*** Data records Section Begins ***

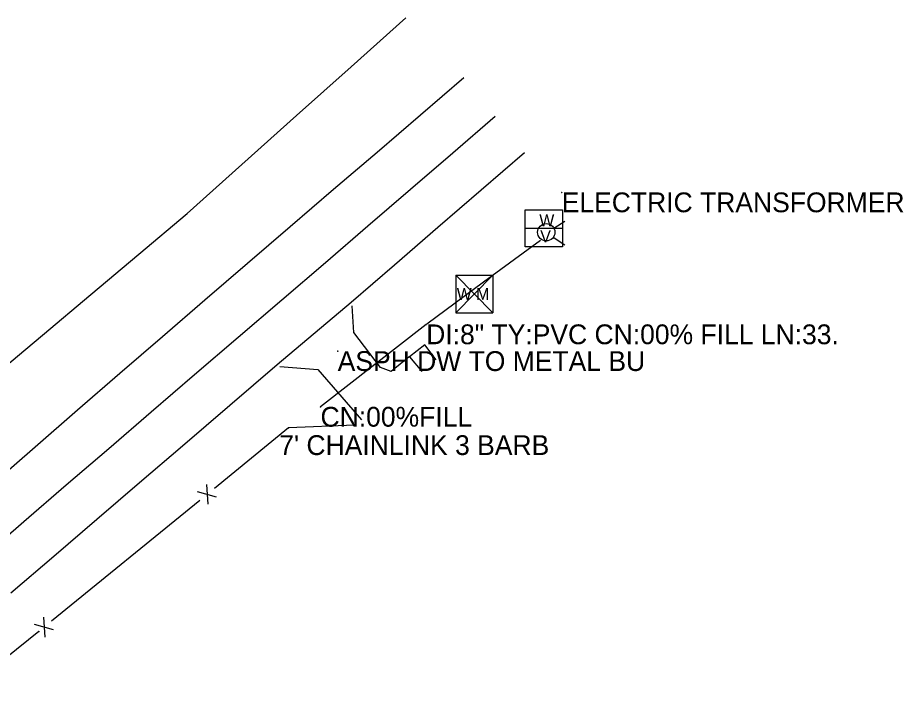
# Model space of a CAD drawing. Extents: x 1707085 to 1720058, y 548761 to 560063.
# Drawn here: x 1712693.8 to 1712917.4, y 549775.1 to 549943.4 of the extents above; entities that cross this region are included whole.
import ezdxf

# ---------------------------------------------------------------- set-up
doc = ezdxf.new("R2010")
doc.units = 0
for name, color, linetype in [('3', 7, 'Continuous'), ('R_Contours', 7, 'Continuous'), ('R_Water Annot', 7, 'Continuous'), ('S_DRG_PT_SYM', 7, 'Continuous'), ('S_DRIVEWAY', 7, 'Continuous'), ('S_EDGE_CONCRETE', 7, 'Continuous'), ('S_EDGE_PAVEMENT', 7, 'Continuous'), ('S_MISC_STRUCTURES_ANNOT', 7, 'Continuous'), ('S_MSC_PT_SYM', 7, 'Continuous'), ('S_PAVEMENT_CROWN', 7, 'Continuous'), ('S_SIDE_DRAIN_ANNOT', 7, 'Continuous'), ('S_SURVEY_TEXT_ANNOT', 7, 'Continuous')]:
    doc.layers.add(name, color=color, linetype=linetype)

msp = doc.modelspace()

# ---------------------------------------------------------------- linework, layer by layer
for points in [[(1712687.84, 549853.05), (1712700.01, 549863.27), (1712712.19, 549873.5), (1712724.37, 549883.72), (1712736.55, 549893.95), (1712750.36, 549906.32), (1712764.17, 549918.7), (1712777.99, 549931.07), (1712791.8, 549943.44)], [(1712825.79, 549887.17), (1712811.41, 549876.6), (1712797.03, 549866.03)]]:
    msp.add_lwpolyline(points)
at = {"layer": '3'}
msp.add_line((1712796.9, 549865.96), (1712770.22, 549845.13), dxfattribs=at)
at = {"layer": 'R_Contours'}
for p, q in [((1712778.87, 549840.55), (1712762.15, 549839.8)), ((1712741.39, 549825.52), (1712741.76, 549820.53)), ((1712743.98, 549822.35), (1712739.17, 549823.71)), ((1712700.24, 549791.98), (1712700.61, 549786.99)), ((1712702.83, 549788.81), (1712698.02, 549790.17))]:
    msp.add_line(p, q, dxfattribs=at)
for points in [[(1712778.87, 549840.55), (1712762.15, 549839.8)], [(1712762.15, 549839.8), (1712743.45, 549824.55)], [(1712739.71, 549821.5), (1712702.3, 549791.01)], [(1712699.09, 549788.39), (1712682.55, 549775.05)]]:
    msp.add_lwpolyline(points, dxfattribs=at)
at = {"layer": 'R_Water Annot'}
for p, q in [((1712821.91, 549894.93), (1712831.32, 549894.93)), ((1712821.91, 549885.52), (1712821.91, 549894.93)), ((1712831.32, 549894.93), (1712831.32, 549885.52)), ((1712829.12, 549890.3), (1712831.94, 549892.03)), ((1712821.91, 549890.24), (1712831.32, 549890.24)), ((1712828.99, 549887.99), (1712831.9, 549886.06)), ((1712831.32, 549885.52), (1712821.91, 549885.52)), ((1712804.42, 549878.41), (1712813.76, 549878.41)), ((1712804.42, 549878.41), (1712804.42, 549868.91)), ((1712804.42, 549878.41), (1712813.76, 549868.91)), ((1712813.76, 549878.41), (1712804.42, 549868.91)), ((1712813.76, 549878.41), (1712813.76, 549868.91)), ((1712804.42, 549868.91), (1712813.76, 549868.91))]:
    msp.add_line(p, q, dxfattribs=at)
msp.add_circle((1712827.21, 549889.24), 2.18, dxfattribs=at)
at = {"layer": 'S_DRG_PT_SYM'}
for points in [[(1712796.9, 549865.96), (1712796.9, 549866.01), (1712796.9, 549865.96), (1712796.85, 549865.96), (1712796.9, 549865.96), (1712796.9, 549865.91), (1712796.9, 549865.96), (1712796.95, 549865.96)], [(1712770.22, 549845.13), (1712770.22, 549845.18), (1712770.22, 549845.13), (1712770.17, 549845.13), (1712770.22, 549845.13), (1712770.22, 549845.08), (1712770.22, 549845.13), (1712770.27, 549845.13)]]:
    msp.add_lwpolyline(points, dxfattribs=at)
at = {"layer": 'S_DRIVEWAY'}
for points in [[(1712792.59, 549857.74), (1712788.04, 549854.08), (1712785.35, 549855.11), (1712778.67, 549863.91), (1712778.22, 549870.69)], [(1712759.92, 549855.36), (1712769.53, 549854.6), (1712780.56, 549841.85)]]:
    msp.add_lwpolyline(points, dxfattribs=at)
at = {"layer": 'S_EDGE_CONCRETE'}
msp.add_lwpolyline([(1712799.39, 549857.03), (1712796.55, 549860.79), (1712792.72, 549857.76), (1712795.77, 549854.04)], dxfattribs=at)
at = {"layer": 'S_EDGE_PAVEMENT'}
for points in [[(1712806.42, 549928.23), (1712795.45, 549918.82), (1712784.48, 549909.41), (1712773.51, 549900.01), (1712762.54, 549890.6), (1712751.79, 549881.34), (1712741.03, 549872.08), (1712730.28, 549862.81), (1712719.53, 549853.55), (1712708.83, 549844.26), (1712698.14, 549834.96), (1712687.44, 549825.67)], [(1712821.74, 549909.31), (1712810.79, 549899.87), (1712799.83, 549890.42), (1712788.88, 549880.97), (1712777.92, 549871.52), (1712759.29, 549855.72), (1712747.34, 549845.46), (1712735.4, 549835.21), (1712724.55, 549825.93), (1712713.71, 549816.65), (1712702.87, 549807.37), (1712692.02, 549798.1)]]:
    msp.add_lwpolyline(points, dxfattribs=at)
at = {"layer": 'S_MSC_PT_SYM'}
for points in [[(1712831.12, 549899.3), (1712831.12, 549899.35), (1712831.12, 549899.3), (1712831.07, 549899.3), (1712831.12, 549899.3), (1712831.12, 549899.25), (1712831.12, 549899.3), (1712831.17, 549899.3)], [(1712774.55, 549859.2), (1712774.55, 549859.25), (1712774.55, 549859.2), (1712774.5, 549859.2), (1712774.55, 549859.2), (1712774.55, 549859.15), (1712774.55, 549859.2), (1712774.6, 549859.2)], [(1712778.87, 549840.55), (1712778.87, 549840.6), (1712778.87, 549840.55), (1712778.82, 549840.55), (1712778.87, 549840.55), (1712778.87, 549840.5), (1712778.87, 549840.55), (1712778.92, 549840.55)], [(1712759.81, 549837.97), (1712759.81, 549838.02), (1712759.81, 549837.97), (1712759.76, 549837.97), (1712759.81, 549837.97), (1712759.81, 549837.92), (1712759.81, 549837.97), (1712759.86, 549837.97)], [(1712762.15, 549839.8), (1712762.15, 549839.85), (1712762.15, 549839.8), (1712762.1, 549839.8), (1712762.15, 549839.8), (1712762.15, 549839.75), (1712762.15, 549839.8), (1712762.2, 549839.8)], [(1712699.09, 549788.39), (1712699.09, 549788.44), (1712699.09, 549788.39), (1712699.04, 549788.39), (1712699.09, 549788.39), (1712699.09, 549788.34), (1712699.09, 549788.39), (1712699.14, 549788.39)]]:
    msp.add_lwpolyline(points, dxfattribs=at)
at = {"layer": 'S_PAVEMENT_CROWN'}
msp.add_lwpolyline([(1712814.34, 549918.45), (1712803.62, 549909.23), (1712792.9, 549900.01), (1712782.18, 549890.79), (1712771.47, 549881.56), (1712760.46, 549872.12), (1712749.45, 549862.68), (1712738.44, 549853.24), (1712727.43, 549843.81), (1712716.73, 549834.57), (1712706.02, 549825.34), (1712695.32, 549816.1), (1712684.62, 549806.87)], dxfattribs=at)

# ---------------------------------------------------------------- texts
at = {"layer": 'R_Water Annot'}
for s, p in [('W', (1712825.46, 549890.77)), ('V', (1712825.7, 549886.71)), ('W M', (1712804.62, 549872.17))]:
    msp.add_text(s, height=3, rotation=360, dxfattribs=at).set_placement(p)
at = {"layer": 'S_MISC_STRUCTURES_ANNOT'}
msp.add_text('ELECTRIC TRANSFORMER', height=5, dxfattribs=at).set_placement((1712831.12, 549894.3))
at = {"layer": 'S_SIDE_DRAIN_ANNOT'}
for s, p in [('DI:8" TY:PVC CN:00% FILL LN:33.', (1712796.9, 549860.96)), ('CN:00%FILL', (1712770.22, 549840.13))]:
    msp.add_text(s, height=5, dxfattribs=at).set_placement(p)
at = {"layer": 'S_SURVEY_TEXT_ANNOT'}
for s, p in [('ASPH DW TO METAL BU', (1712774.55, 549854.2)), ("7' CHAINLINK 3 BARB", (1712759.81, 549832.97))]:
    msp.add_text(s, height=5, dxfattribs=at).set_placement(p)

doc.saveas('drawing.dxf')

*** Data records Section Ends ***

Task statement:
Set down nothing but the lines from the one containing "height=3, rotation=360, dxfattribs=at).set_placement(p)" through the end of the entries above, exactly as written, both ends counted.

Result for this task:
    msp.add_text(s, height=3, rotation=360, dxfattribs=at).set_placement(p)
at = {"layer": 'S_MISC_STRUCTURES_ANNOT'}
msp.add_text('ELECTRIC TRANSFORMER', height=5, dxfattribs=at).set_placement((1712831.12, 549894.3))
at = {"layer": 'S_SIDE_DRAIN_ANNOT'}
for s, p in [('DI:8" TY:PVC CN:00% FILL LN:33.', (1712796.9, 549860.96)), ('CN:00%FILL', (1712770.22, 549840.13))]:
    msp.add_text(s, height=5, dxfattribs=at).set_placement(p)
at = {"layer": 'S_SURVEY_TEXT_ANNOT'}
for s, p in [('ASPH DW TO METAL BU', (1712774.55, 549854.2)), ("7' CHAINLINK 3 BARB", (1712759.81, 549832.97))]:
    msp.add_text(s, height=5, dxfattribs=at).set_placement(p)

doc.saveas('drawing.dxf')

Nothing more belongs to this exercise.